FIGURE 3Mantel correlogram using Pearson’s correlation coefficient of between-ASV environmental optima and between-ASV phylogenetic distance for (A) pH, (B) % GWC, (C) % nitrogen, (D) % carbon, (E) C:N ratio, and (F) combined abiotic variables. Significant correlations (P < 0.05, solid circles) indicate phylogenetic signal in ASV ecological niche for the associated distance class. Significant positive correlations indicate that ecological similarity among ASVs is higher than expected by chance within the distance class. Alternatively, significant negative correlations indicate that ASVs are more ecologically dissimilar than expected by chance (Borcard and Legendre, 2012).

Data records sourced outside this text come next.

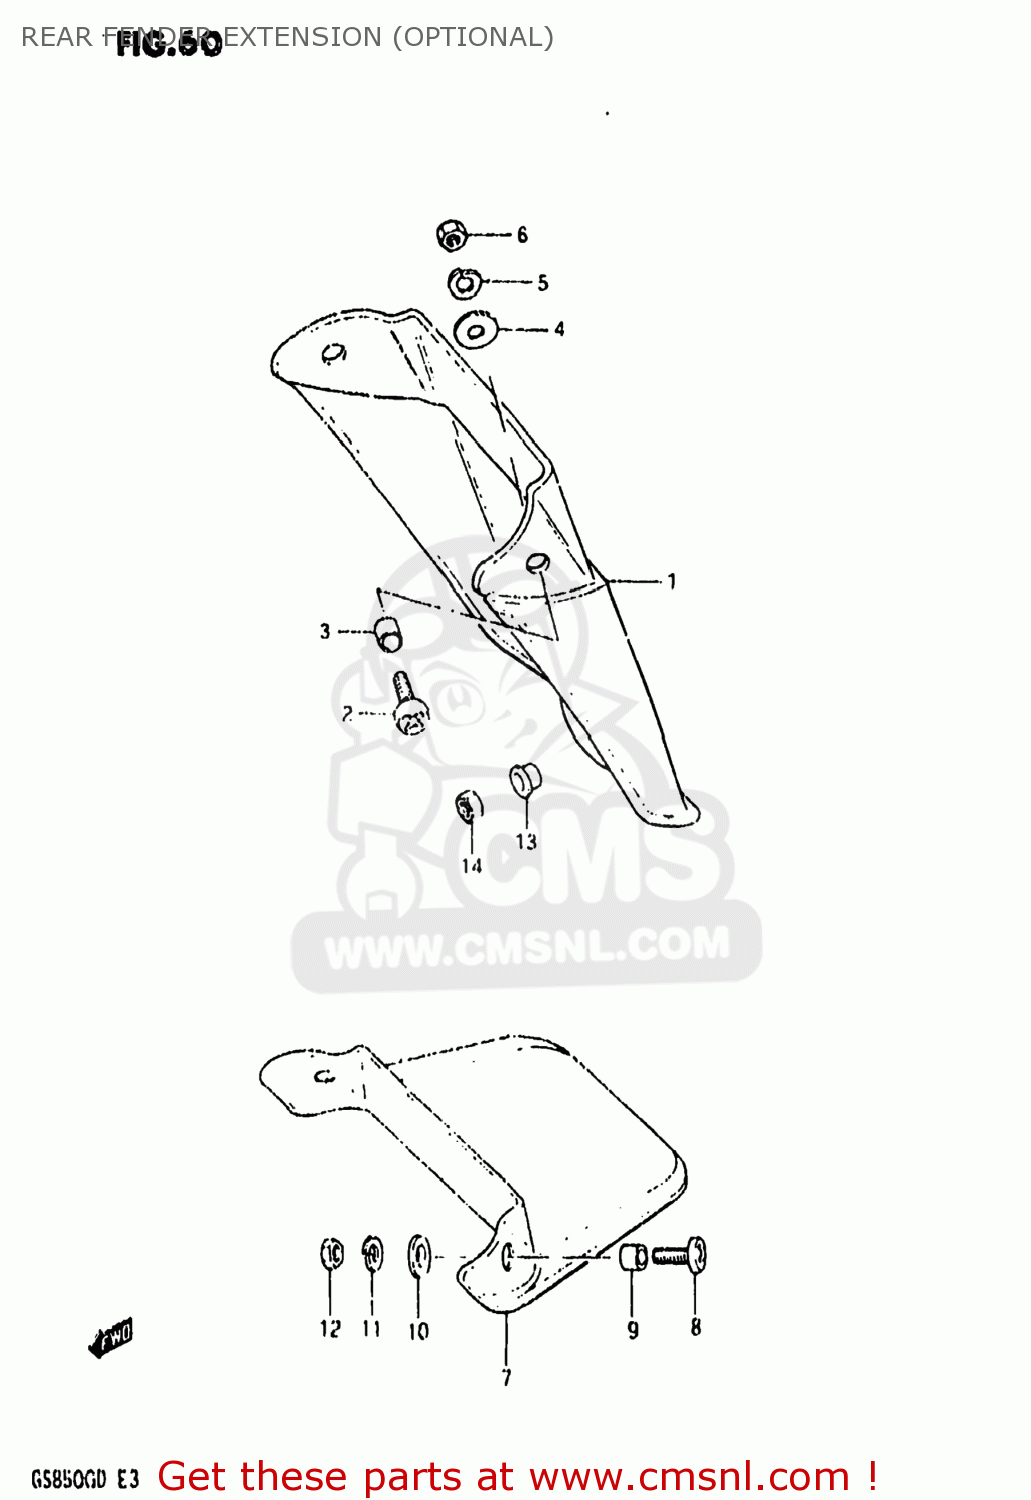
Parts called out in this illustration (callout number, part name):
1	EXTENSION,REAR FENDER
2	SCREW (6X15)
3	SPACER(6.2X8.3X5.7)
4	WASHER(6.5X18X1)
5	LOCK WASHER
6	NUT
7	EXTENSION,REAR FENDER
8	SCREW (6X15)
9	SPACER(6.2X8.3X5.7)
10	WASHER(6.5X18X1)
11	LOCK WASHER
12	NUT
13	SPACER
14	NUT
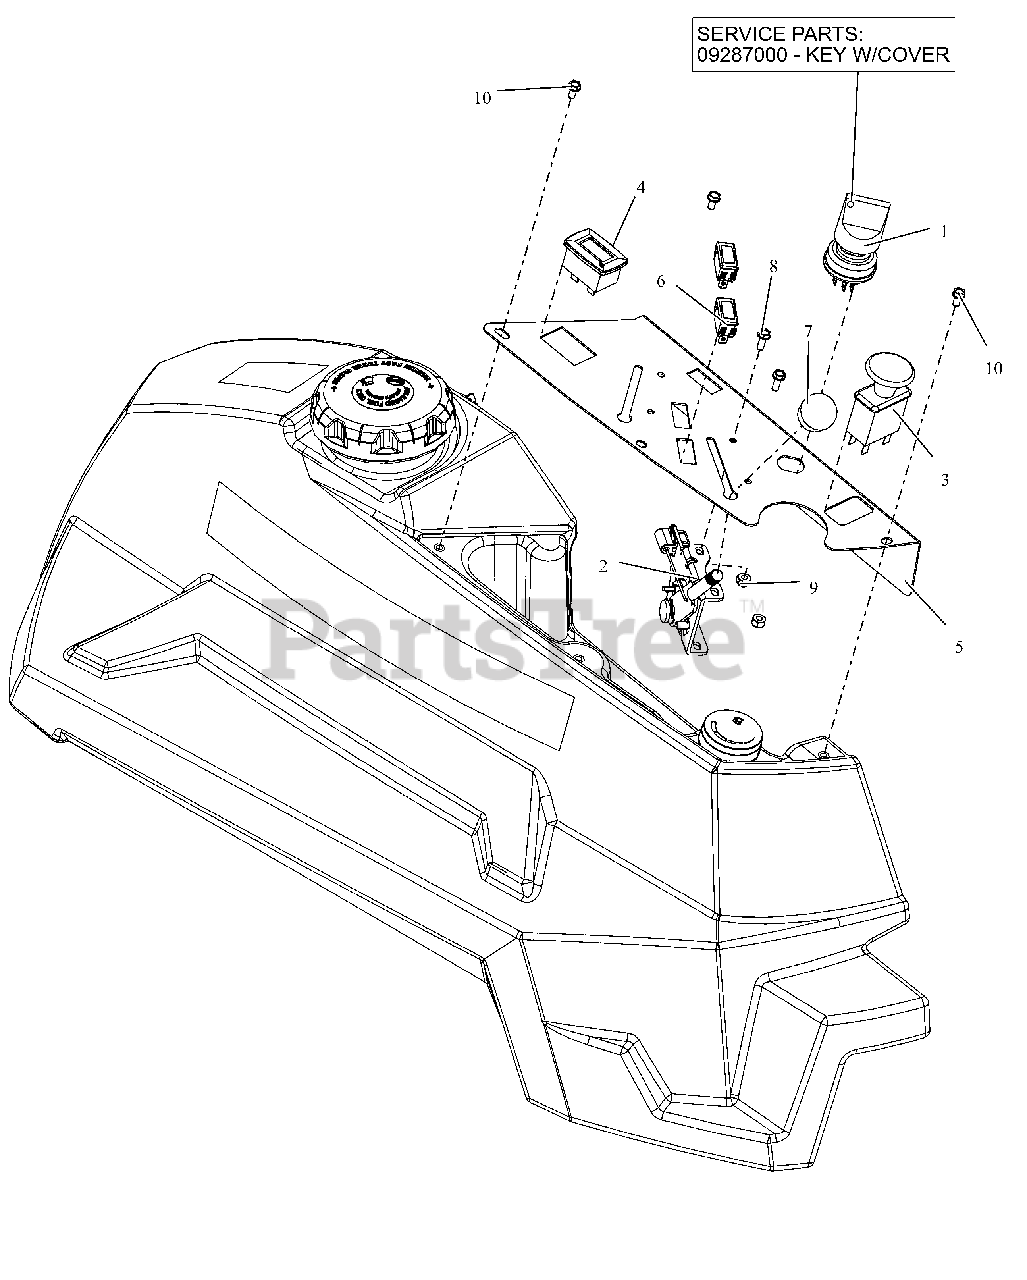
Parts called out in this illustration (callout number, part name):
1	SWITCH, IGNITION
1	KEY, W/ SHIELD
2	CABLE, PRO-CTRL 35.50"
3	SWITCH, CLUTCH
4	METER, HOUR W/MAINTENANCE
5	PT400 CONTROL PANEL - RED
6	LIGHT, INDICATOR (RED)
7	KNOB-CONTROL-BLACK .38-16X.50
8	BLT, HWH #10-24X.50 ZCC
9	NUT-LK-NYL #10-24 G2 ZCC
10	SCR-MCH 10-24X.38 HWHSTAINLESS
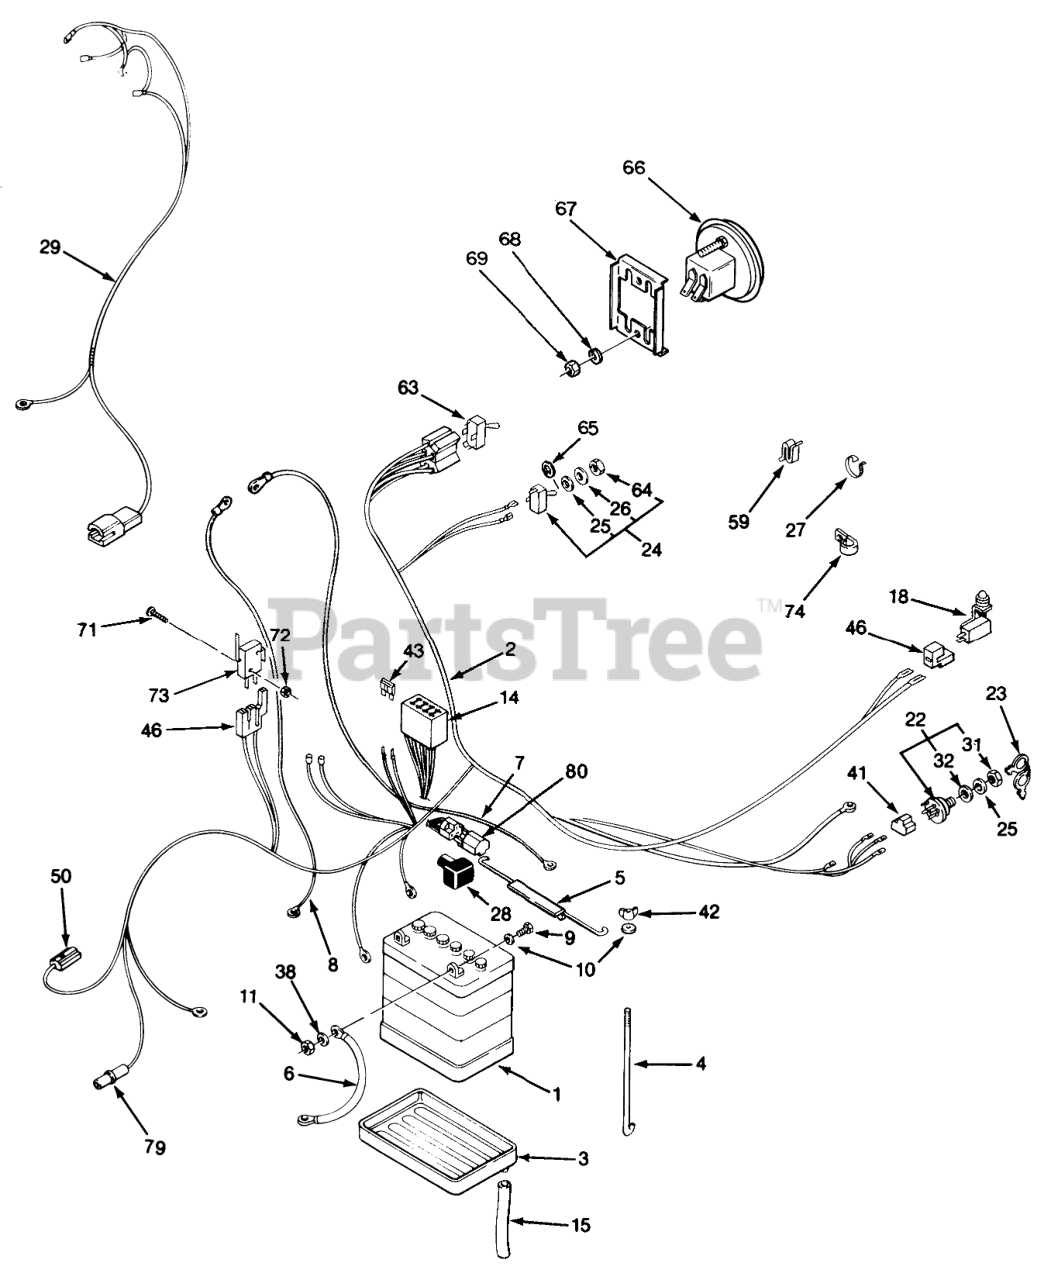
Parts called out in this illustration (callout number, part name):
1	Battery
2	Harness Wire (Incl. Ref. #14, 41 & 46)
3	TRAY-BATTERY
5	ROD-BATTERY HOLD DWN
7	WIRE - 14" BLACK
8	ASS'Y-WIRE
9	SCREW-HH
10	WASHER-FLAT
11	NUT-HEX
14	FUSE-HOLDER 4 WAY
15	TUBE-BATTERY DRAIN
18	SWITCH-SEAT
22	Switch-Ignition (Incl. Ref. #31-32)
23	Key
24	Switch-Light (Incl. Ref. #64 & 65)
25	Washer
26	Washer
27	PLASTIC TIE
28	Boot
29	HARNESS-HEADLIGHT
32	LOCKWASHER
38	WASHER-LOCK
41	CONNECTOR-5 WAY-SERV
42	NUT-WING
43	FUSE-BLADE, 15 AMP
46	CONNECTOR BODY
50	CONNECTOR BODY ELECT
59	SPEED CLIP
63	PTO-SWITCH W/COVER
65	TAB-WASHER
66	Hourmeter
67	CLAMP-HOUR METER
68	WASHER-LOCK
69	Nut
71	Screw
72	NUT HEX 4-40 ELAST
73	SWITCH - CLUTCH
74	CLAMP
79	SOCKET HOUSING
80	RELAY
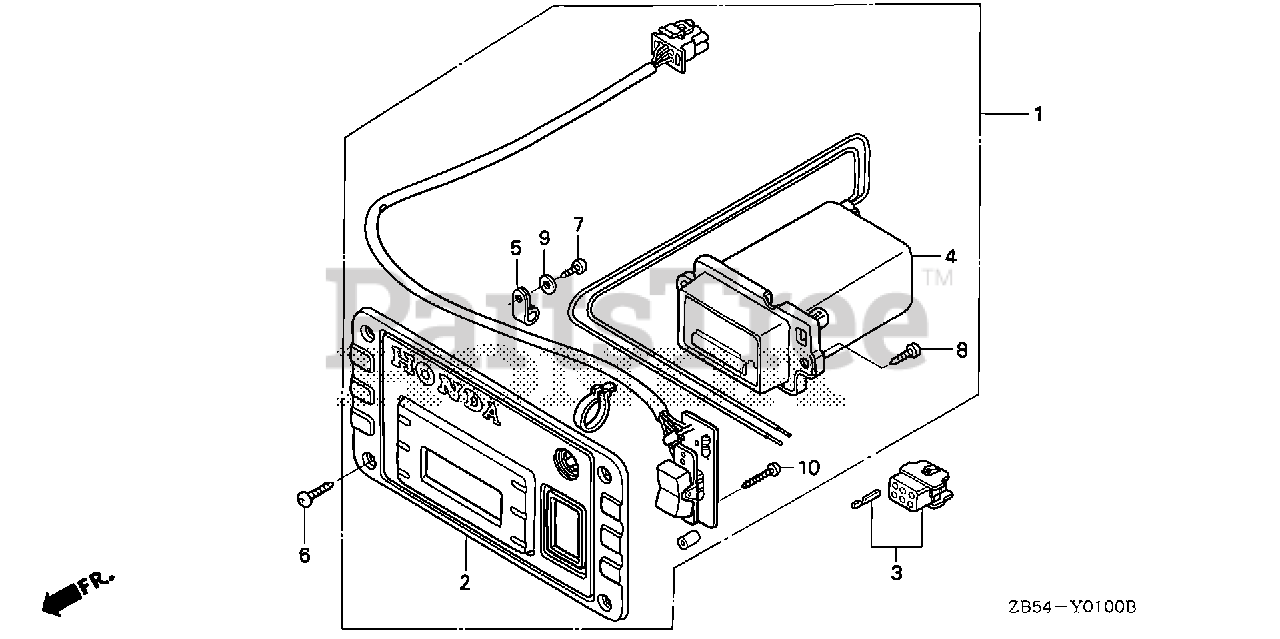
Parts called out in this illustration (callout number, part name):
1	PANEL ASSY., REMOTE CONTROL
2	PANEL, FR. REMOTE
3	CONNECTOR ASSY., PLUG
4	METER ASSY., HOUR
5	CLIP (7.5MM)
6	SCREW, TAPPING (3X10)
7	SCREW, TAPPING (4X12)
8	SCREW, TAPPING (5X16)
9	WASHER, PLAIN (4MM)
10	SCREW, TAPPING (3X20)
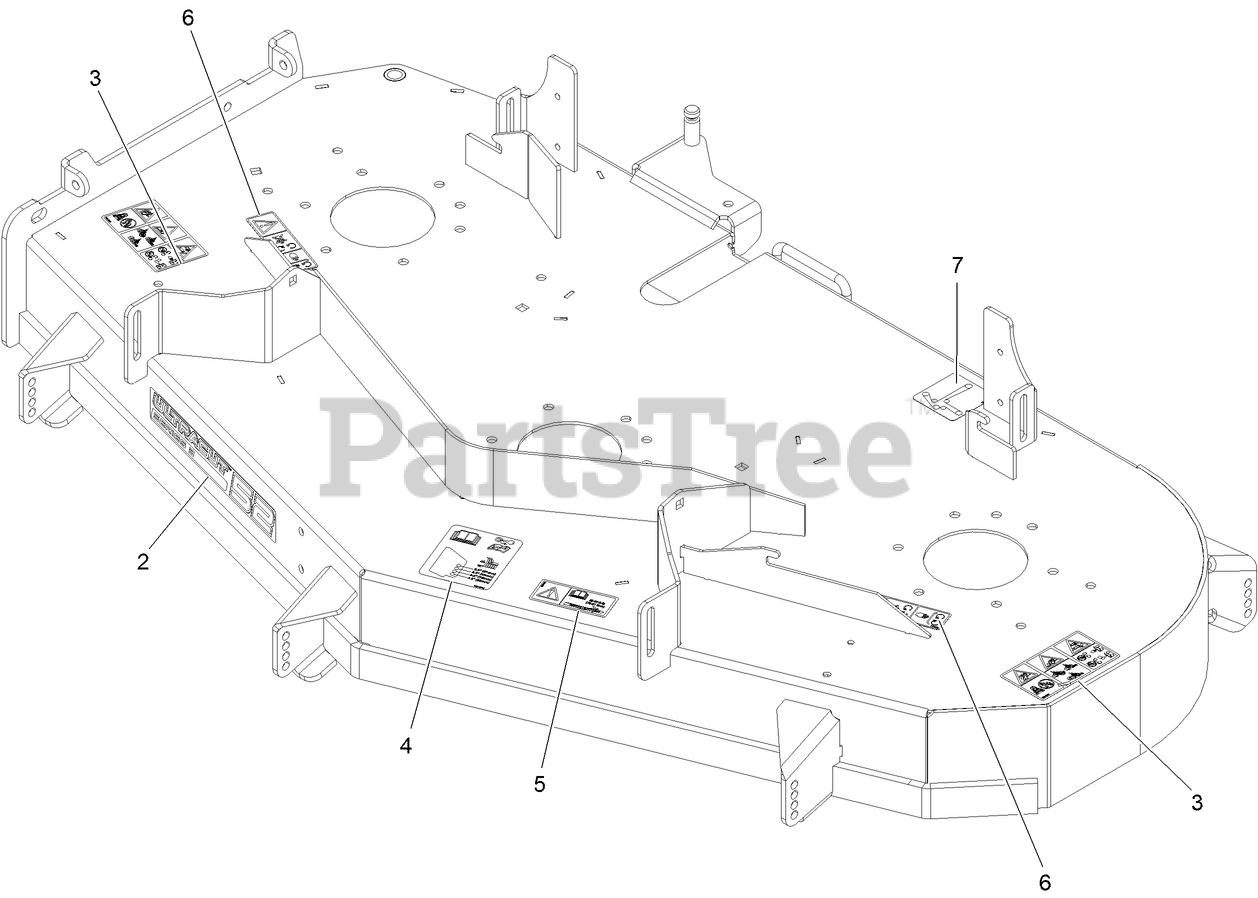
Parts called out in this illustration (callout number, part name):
2	DECAL-ULTRACUT 52 SERIES 3
3	DECAL-DANGER THROWN OBJECTS
4	DECAL-ROLLER, ANTI-SCALP
5	DECAL-TORQUE, BOLT
6	DECAL-COVER, MISSING
7	DECAL-ROUTING, BELT
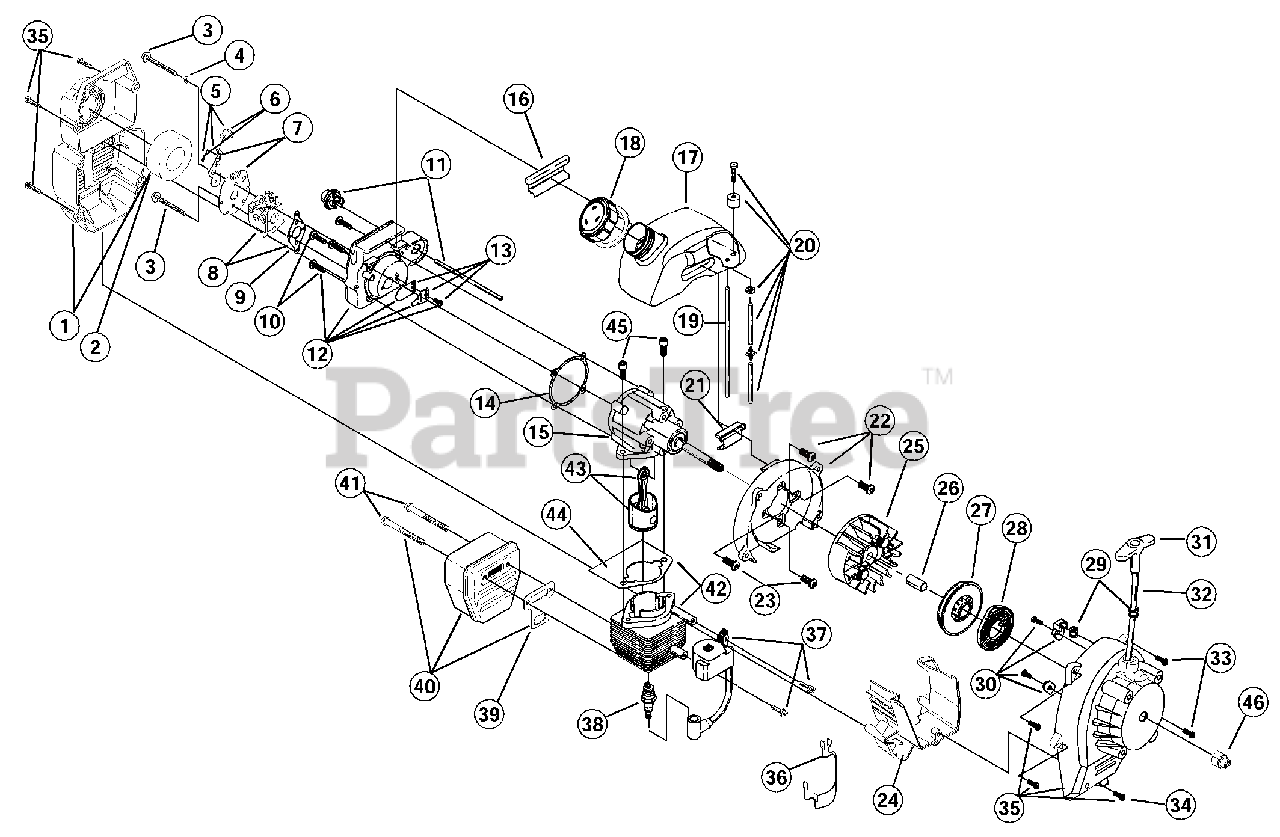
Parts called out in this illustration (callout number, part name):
1	Air Cleaner/Muffler Cover Assembly
2	Air Cleaner Filter
3	Carburetor Mounting Screw Assembly
4	Wavey Washer
5	Choke Lever Assembly
6	Choke Knob and Screw
7	Choke Lever and Plate
8	Carburetor Assembly W/Limiter Caps
9	Carburetor Gasket
10	Carb Mount Screw
11	Primer and Hose Assembly
12	Carb Mount Assembly
13	Reed Assembly
14	Carburetor Mount Gasket
15	Crank Case Service Assembly
16	Rear Mounting Pad
17	Fuel Tank Assembly
18	Fuel Cap Assembly
19	Fuel Return Line
20	Fuel Line Assembly
21	Front Mounting Pad
22	Shroud Assembly
23	Shroud Screw
24	Shroud Extension
25	Flywheel Assembly
27	Recoil Pulley Assembly
28	Recoil Spring
29	Rope Guide
30	Pulley Retainer Assembly
31	Pull Handle
33	Housing Screw
34	Cover Screw
35	Starter Housing Assembly
36	Wire Lead Assembly
37	Module Assembly
38	Spark Plug
39	Exhaust Gasket
40	Muffler Assembly
41	Muffler Mounting Bolt Assembly
42	Cylinder Assembly
43	Piston and Rod Assembly
44	Cylinder Gasket
45	Cylinder Bolt
46	Crankshaft Extension
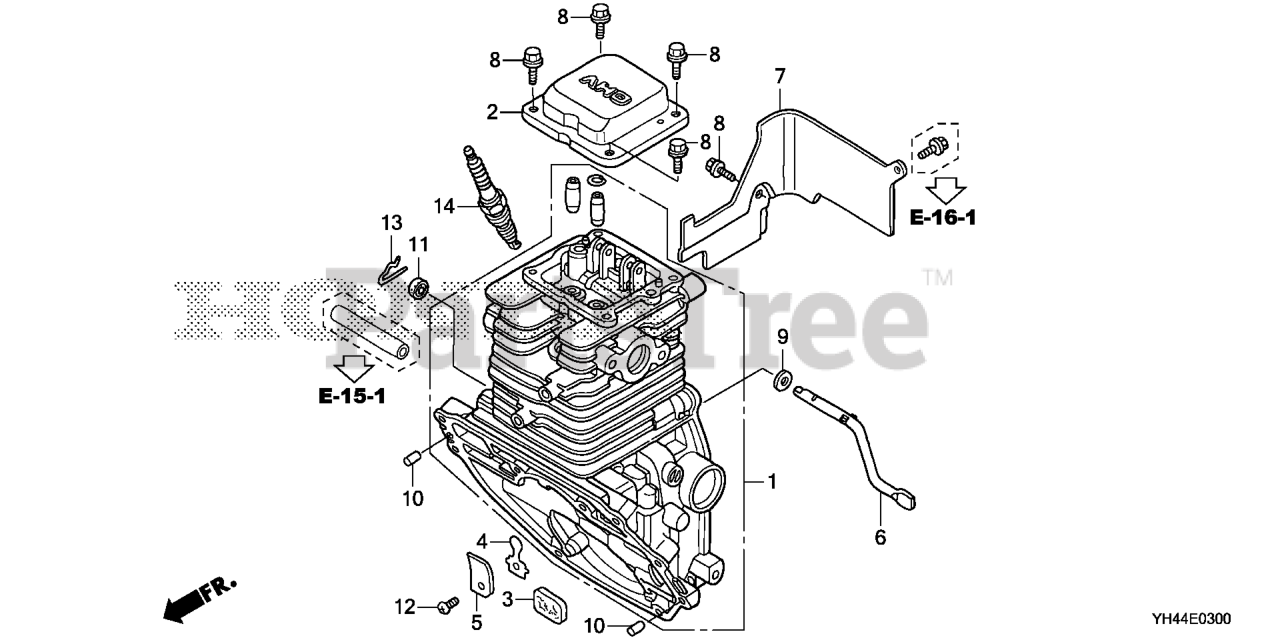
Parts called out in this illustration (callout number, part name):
2	COVER, HEAD
3	FILTER, BREATHER
4	VALVE, OIL OUTLET
5	PLATE, STOPPER
6	SHAFT, GOVERNOR ARM
8	BOLT, FLANGE (5X12)
9	WASHER (5.2X9)
10	ROLLER (6X14.8)
11	OIL SEAL (5X11X5)
12	SCREW, PAN (3X5)
13	PIN, LOCK (6MM)
14	SPARK PLUG (U14FSR-UB) (DENSO)
14	SPARK PLUG (CR4HSB) (NGK)
14	SPARK PLUG (U16FSR-UB) (DENSO)
14	SPARK PLUG (CR5HSB)

FIGURE 4Microbial community composition by depth. Non-metric multidimensional scaling analysis using Bray–Curtis dissimilarity of (A) bacterial and (B) fungal communities along depth profile. Depth was a significant driver of community composition for both bacteria (PerMANOVA; F = 1.698, R2 = 0.3977, P = 0.0001) and fungi (PerMANOVA; F = 1.307, R2 = 0.3034, P = 0.0091).
FIGURE 5Relative contribution of assembly process structuring bacterial communities along the depth profile. Assembly processes were determined across all pairwise comparisons (“All”; n = 325) and within-group pairwise comparisons (n = 3 to 6) calculated from three to four biological replicates. Specifically, the 10–20 cm and 70–80 cm depth comparisons had n = 6 and the rest were n = 3.
FIGURE 6Soil respiration rates by depth of soils incubated at 15°C (white) and 4°C (gray). Respiration rates were determined using stabilized rates from day 20 to 193 of incubation. Boxplots show median value as a solid line and upper and lower quartiles at the top and bottom of the boxes, respectively. Whiskers and points indicate the extent of the data. Respiration rates were log transformed for statistical analysis. Two-way ANOVA indicated significant effects of temperature (F = 7.683, P = 0.01060) and depth (F = 5.134, P = 0.00695) on respiration, but no combined effect.
FIGURE 7Temperature sensitivity (Q10) by soil depth. Q10 is an indicator of the temperature sensitivity of respiration and were calculated from CO2 respiration rates at 15°C and 4°C. Boxplots show median value as a solid line and upper and lower quartiles at the top and bottom of the boxes, respectively. Whiskers and points indicate the extent of the data.
FIGURE 8Microbial community composition pre- and post-incubation. Non-metric multidimensional scaling analysis using Bray–Curtis dissimilarity community composition of (A) bacteria axes 1–2, (B) bacteria axes 2–3, and (C) fungi axes 1–2 before and after incubation at 4°C and 15°C. Bacterial communities were significantly structured by both depth and temperature (PerMANOVA; depth: F = 2.864, R2 = 0.1876, P = 0.0001; temperature: F = 1.422, R2 = 0.0621, P = 0.0027). Additionally, fungal communities were significantly structured by both depth and temperature (PerMANOVA; depth: F = 2.075, R2 = 0.1155, P = 0.0001; temperature: F = 3.489, R2 = 0.1332, P = 0.0001).
FIGURE 9Relative contribution of assembly process structuring bacterial communities pre- and post-incubation at 4°C and 15°C. The (A) relative percent contribution of each assembly process and (B) percent stochastic assembly are shown by depth. Assembly processes were determined across all pairwise comparisons (“All”, n = 861) and within-group pairwise comparisons (n = 3 to 6) calculated from three to four biological replicates. The 10–20–4°C treatment only had one replicate and therefore pairwise comparisons for that treatment could not be made. Note that the 10–20–4°C data point on (B) is missing.